_The task:_
Find how many lines in the entries below carry the word "ELASTIC" and answer with only that figure.

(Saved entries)
----------------

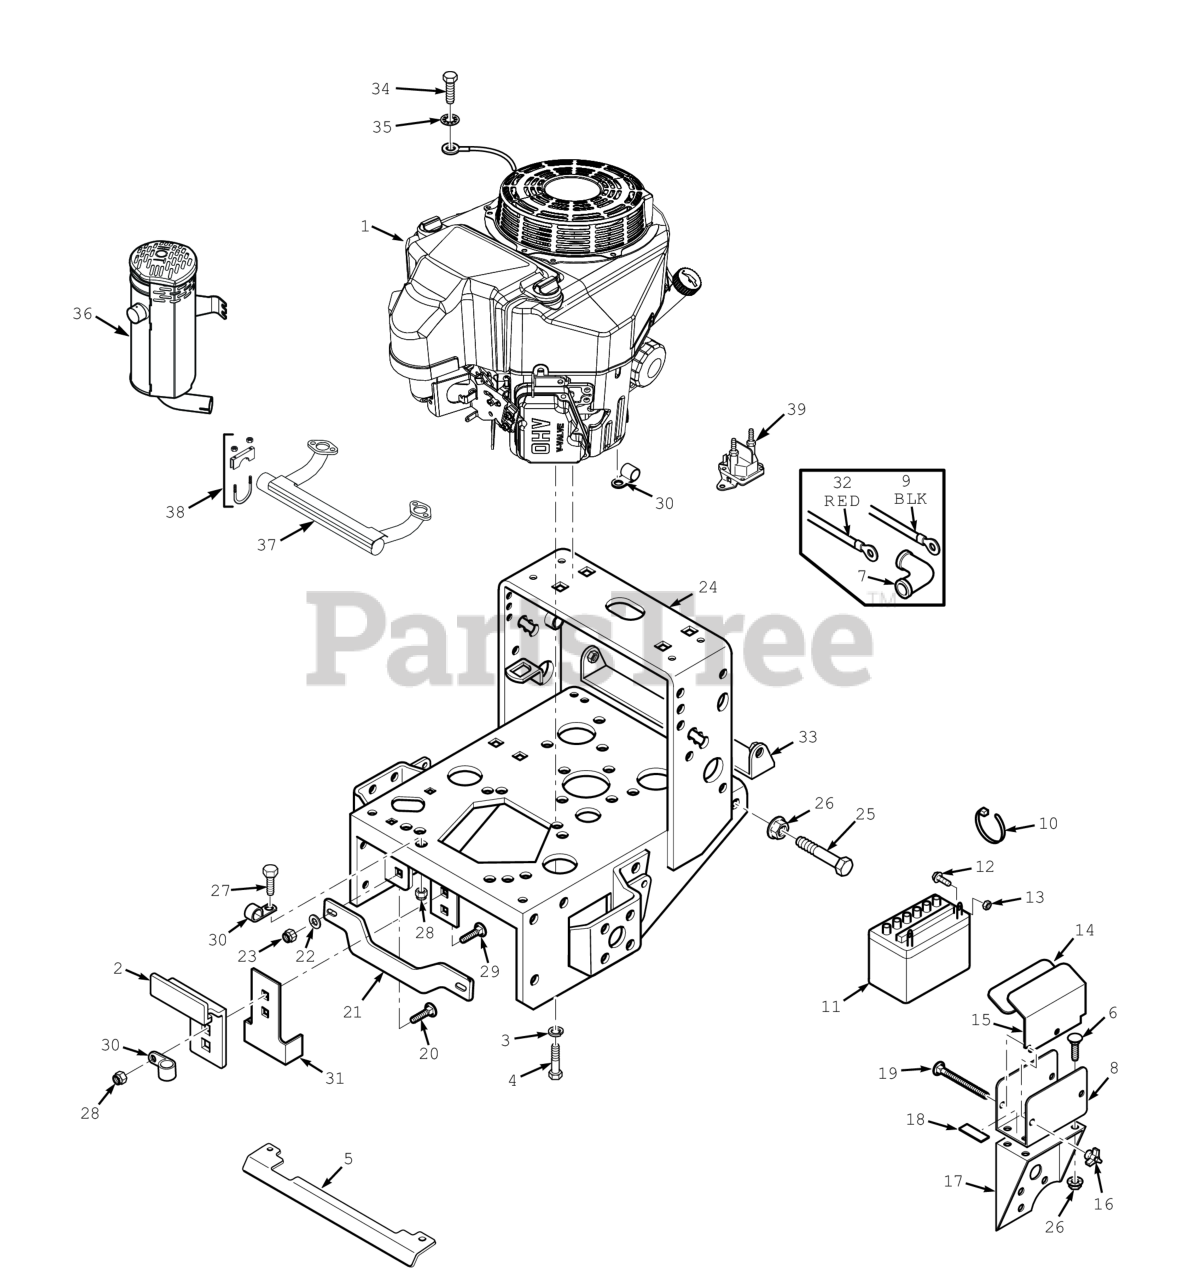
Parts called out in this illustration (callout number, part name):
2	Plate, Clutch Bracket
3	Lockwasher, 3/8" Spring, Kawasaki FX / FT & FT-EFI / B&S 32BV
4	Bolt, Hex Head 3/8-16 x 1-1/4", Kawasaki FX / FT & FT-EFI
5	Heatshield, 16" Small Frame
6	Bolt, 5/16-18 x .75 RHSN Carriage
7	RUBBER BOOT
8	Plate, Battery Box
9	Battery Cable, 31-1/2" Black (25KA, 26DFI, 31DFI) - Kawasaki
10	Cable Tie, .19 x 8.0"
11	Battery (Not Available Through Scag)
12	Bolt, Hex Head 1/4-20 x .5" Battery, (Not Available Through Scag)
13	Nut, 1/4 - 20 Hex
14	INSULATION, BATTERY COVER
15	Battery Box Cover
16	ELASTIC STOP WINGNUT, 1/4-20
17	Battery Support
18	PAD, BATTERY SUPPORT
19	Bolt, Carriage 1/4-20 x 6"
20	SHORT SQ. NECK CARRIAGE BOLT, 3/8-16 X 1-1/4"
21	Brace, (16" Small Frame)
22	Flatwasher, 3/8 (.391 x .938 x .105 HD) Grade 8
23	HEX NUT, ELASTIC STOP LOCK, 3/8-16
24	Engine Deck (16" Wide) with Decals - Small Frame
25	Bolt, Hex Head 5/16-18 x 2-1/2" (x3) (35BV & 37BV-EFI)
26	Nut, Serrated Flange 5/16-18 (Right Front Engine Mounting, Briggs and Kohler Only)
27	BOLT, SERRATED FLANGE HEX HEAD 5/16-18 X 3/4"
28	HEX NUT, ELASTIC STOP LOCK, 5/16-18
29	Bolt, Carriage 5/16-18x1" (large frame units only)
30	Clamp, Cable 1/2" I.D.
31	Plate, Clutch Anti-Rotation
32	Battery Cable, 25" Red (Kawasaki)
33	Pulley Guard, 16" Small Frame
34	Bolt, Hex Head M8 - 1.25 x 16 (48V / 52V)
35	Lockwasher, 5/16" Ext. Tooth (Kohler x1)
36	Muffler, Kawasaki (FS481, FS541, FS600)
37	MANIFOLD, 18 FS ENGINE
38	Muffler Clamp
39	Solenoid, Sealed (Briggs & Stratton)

----------------

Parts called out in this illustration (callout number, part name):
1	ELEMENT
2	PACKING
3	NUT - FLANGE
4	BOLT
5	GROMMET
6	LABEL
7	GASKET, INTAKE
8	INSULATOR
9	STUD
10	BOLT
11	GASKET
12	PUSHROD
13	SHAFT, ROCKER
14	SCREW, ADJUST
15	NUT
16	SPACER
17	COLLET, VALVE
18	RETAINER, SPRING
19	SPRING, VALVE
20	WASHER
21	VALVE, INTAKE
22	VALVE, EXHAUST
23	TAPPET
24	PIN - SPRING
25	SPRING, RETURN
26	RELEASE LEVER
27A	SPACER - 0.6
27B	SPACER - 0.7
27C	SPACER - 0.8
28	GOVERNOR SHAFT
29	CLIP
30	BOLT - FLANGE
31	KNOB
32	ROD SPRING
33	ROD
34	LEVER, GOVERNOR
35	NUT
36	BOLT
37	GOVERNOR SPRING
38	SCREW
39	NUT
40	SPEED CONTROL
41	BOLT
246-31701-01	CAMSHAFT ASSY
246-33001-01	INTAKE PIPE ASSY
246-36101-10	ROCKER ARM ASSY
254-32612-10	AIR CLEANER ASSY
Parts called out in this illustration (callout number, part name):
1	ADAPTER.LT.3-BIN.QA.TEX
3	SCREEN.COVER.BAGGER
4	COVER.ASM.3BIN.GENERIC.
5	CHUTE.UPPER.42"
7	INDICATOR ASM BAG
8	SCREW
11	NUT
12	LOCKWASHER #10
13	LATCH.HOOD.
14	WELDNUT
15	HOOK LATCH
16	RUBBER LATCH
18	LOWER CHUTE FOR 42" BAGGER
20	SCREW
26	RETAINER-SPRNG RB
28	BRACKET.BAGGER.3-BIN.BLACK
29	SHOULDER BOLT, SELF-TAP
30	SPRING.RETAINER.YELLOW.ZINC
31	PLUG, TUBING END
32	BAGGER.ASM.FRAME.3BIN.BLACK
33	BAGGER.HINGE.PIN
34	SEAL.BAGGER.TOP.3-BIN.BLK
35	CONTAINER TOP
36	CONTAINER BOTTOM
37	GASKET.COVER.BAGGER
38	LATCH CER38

----------------

_Expected output:_
3